Cancer deaths attributable to cigarette smoking in 152 U.S. metropolitan or micropolitan statistical areas, 2013-2017.

Cancer Causes Control 2021 Mar 26;32(3):311-316. Epub 2021 Jan 26.

Data Science Research Program, American Cancer Society, Atlanta, GA, USA.

Purpose: There are limited data on the burden of cancer attributable to cigarette smoking by metropolitan areas to inform local tobacco control policies in the USA. We estimated the proportion of cancer deaths attributable to cigarette smoking (or population attributable fraction [PAF]) in 152 U.S. metropolitan or micropolitan statistical areas (MMSAs).

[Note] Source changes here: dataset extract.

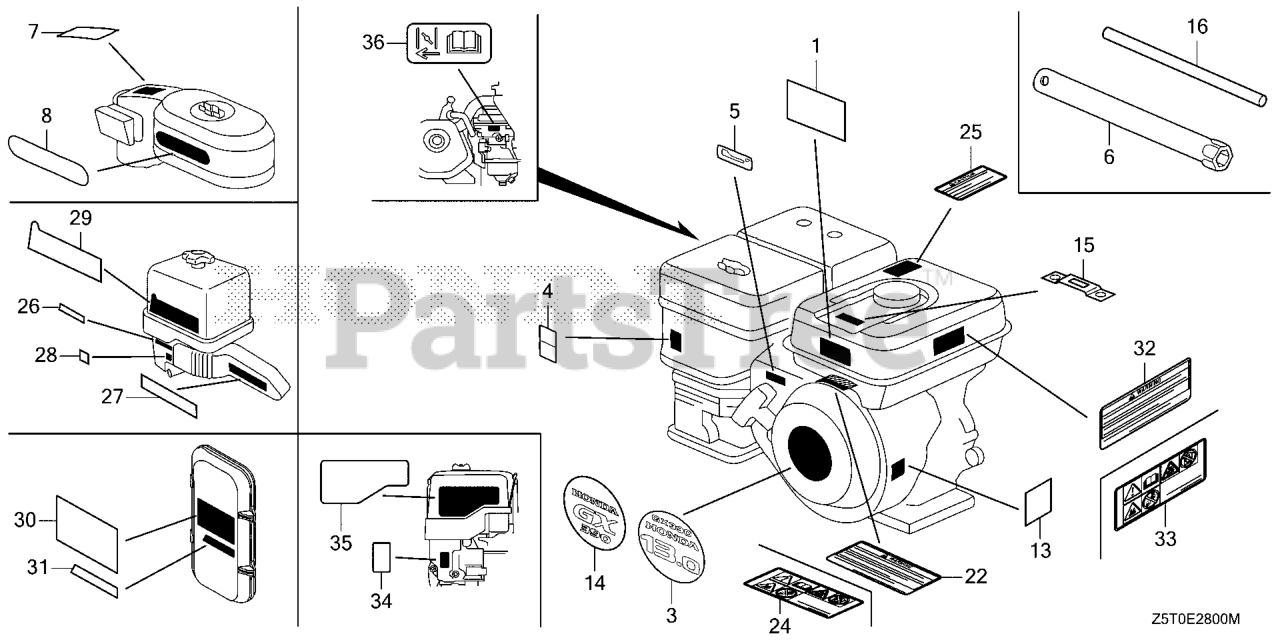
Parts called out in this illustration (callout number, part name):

Methods: Smoking-related PAFs for cancer mortality in ages ≥ 30 years in 2013-2017 were estimated using cross-sectional age-, sex-, and MMSA-specific cigarette smoking prevalence and cancer mortality data obtained from the Behavioral Risk Factor Surveillance System and the U.S. Cancer Statistics Database, respectively.

Results: Overall smoking-related PAFs of cancer ranged from 8.8% (95% CI, 6.3-11.9%) to 35.7% (33.3-37.9%); MMSAs with the highest PAFs were in the South region and Appalachia. PAFs also substantially varied across MMSAs within regions or states. In the Northeast, for example, the PAF ranged from 24.2% (23.7-24.7%) to 33.7% (31.3-36.2%).

Conclusion: The proportion of cancer deaths attributable to cigarette smoking is considerable in each MMSA, with as many as 4 in 10 cancer deaths attributable to smoking in the South region and Appalachia. Broad and equitable implementation and enforcement of proven tobacco control interventions at all government levels could avert many cancer deaths across the USA.